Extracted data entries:
○ ○ ○ ○ ○

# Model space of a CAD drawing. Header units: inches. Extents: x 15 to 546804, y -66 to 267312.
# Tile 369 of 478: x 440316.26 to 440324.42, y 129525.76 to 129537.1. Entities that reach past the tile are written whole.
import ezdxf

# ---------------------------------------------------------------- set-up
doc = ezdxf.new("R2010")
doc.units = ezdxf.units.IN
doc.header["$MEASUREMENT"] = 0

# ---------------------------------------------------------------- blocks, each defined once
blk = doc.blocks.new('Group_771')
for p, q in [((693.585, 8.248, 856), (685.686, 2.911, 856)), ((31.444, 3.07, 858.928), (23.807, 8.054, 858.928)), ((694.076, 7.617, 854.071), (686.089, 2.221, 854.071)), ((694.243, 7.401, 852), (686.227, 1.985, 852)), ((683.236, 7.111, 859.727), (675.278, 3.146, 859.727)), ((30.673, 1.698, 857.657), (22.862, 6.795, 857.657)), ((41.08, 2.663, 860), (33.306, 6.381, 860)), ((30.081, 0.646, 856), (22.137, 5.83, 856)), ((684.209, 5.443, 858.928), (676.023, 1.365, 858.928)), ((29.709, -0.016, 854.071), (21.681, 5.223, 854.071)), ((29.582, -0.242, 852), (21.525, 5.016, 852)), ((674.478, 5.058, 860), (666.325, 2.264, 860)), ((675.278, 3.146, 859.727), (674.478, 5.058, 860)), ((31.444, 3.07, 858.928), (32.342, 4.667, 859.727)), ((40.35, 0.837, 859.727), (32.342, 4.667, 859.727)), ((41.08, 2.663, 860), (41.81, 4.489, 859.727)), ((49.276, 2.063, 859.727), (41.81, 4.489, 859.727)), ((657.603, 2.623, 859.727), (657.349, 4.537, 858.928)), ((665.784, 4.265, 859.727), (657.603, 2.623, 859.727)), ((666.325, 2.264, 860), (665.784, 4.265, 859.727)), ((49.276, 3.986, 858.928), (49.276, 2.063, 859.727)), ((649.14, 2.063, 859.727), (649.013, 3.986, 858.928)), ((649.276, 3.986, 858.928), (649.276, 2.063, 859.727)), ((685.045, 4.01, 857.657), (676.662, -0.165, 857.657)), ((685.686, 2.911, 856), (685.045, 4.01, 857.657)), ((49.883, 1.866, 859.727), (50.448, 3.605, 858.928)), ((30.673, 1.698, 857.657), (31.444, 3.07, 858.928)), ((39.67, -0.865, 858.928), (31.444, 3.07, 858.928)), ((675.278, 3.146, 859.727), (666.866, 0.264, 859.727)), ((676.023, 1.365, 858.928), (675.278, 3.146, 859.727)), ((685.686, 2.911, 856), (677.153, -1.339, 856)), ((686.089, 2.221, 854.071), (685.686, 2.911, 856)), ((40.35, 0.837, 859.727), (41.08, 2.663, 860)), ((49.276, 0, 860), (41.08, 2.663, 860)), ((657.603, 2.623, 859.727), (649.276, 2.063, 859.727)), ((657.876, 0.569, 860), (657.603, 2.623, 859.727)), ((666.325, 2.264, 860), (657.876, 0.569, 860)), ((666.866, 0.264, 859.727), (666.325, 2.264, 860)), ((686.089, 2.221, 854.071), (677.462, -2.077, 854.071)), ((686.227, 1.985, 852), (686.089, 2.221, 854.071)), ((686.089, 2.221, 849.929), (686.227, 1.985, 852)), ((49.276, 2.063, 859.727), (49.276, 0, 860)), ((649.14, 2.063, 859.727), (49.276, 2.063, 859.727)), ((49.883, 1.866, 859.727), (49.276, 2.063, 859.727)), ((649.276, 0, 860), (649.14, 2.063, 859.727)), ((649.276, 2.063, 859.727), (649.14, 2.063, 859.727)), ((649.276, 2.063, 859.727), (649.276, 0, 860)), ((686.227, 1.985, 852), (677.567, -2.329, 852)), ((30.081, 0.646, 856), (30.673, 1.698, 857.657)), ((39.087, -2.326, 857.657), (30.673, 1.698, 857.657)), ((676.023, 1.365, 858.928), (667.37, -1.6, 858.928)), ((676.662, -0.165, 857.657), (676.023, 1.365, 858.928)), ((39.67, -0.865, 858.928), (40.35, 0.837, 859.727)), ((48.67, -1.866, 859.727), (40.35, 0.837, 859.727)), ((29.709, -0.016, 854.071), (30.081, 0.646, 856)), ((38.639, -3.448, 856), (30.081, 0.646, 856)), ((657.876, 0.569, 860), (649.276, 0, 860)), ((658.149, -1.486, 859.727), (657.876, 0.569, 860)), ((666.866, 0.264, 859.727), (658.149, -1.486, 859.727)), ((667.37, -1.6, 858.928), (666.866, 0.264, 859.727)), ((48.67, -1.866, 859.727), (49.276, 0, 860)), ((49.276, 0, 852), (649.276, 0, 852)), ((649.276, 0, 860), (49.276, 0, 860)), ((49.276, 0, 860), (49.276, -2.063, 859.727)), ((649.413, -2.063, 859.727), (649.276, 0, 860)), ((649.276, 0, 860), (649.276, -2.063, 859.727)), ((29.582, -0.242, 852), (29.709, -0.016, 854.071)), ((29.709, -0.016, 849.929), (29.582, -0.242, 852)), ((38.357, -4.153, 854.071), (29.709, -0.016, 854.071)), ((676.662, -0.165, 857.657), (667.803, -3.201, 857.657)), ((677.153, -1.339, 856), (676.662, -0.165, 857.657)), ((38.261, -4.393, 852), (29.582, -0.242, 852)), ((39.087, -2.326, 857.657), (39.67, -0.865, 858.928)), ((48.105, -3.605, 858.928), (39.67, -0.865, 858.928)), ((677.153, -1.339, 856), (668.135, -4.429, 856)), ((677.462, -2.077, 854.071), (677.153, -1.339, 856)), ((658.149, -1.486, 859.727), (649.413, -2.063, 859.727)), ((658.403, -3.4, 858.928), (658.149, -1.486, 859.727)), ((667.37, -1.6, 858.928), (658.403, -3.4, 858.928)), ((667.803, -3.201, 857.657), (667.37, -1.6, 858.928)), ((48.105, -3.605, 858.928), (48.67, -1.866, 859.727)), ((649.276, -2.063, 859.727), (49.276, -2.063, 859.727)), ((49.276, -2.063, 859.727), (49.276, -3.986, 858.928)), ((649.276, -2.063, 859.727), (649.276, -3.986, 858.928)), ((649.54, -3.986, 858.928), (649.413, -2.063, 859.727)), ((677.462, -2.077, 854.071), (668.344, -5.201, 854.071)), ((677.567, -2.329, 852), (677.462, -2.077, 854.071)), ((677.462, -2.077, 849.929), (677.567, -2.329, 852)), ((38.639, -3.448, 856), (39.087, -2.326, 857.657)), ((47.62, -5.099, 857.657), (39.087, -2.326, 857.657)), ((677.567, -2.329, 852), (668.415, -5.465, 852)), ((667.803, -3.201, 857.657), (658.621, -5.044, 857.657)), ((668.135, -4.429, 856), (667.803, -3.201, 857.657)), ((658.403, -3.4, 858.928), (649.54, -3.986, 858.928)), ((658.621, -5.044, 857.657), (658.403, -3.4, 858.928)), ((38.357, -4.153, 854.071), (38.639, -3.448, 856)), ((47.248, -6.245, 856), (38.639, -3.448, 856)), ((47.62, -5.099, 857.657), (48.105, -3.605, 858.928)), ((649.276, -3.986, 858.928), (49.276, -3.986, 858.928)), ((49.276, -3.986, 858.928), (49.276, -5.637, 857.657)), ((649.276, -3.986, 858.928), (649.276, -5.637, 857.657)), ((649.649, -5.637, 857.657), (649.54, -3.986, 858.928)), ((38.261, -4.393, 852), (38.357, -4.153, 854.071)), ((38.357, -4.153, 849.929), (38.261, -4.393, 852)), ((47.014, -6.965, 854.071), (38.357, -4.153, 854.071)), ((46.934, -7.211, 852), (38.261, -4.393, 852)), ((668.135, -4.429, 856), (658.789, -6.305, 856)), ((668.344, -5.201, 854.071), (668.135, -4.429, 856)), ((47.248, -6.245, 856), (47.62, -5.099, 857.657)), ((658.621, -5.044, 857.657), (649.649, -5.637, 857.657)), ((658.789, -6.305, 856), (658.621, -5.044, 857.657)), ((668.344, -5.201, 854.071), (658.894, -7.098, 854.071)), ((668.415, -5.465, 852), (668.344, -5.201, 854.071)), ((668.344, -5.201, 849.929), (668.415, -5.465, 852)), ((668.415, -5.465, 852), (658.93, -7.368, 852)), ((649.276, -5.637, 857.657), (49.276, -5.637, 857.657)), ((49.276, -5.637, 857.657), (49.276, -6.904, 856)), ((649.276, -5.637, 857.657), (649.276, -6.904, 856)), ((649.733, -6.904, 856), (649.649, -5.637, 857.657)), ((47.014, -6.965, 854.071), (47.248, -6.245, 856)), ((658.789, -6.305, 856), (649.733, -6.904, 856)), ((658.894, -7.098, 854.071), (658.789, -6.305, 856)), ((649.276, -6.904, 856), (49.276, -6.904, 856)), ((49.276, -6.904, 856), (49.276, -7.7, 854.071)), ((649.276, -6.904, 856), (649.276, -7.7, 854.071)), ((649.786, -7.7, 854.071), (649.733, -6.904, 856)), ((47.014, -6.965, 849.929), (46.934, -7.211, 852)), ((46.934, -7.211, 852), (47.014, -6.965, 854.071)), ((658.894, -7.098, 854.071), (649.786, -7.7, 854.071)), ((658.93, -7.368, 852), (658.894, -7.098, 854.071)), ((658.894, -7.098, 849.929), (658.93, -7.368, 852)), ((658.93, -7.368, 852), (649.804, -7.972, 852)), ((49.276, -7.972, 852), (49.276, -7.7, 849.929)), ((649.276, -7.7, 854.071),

○ ○ ○ ○ ○

PROMPT: Would you filter the entries above and keep each line that has the word "ezdxf"?

ANSWER SECTION:
import ezdxf
doc = ezdxf.new("R2010")
doc.units = ezdxf.units.IN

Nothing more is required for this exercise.